ASSIGNMENT =>
Match the word "records". Return each line of the data below where it appears.

Collected data entries
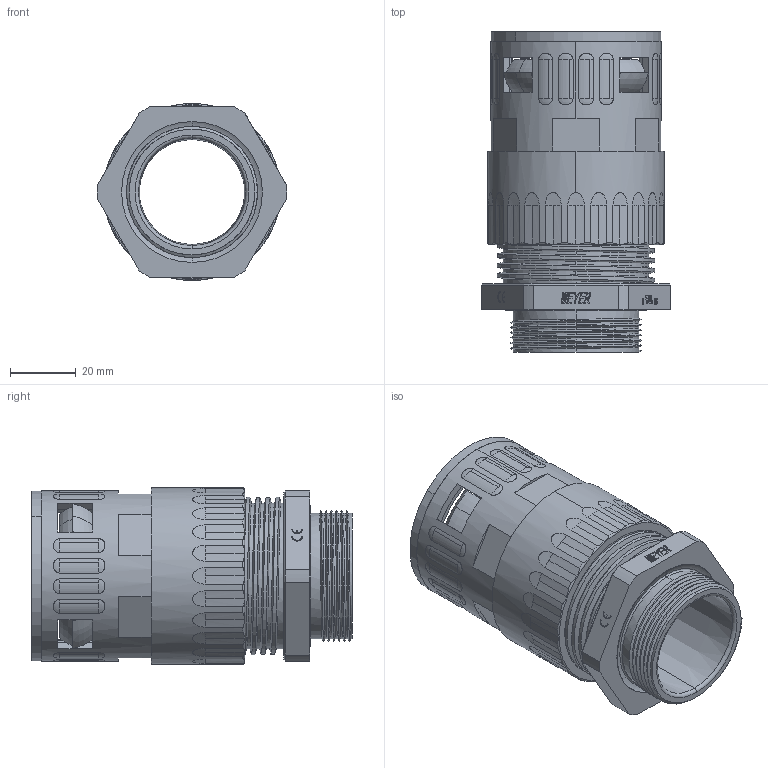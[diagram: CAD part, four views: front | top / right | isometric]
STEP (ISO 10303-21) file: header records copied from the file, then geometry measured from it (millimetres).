
FILE_DESCRIPTION (( 'STEP AP203' ), '1' );
FILE_NAME ('WQGZ-M40-AD42.STEP', '2018-09-13T07:36:26', ( '' ), ( '' ), 'SwSTEP 2.0', 'SolidWorks 2016', '' );
FILE_SCHEMA (( 'CONFIG_CONTROL_DESIGN' ));
Length unit declared in the file: millimetre
Products named in the file (8): WQGZ-M40-AD42; WQG2-Tr28-AD42.5; GFD-AD42.5; HSK-M40-01; NSK-AD42.5; 蚾饜极1; CTH-P36
Assembly tree (7 placements, depth 3):
  WQGZ-M40-AD42
    WQG2-Tr28-AD42.5
      WQG2-Tr28-AD42.5
      GFD-AD42.5
      NSK-AD42.5
    蚾饜极1
      HSK-M40-01
      CTH-P36
Bounding box: 57.99 x 97.9 x 54 mm (x, y, z)
Volume: 86527.4 mm3; surface area: 60010.7 mm2
Topology: 5 solids, 5 shells, 706 faces, 1924 edges, 1207 vertices
Faces by surface type: plane 311, cylinder 156, cone 90, torus 60, sphere 56, bspline 33
Entity records: 28100 total; most frequent: CARTESIAN_POINT 10252, ORIENTED_EDGE 3672, DIRECTION 3443, EDGE_CURVE 1836, AXIS2_PLACEMENT_3D 1281, VERTEX_POINT 1175, LINE 881, VECTOR 881

OUTPUT BELOW =>
STEP (ISO 10303-21) file: header records copied from the file, then geometry measured from it (millimetres).
Entity records: 28100 total; most frequent: CARTESIAN_POINT 10252, ORIENTED_EDGE 3672, DIRECTION 3443, EDGE_CURVE 1836, AXIS2_PLACEMENT_3D 1281, VERTEX_POINT 1175, LINE 881, VECTOR 881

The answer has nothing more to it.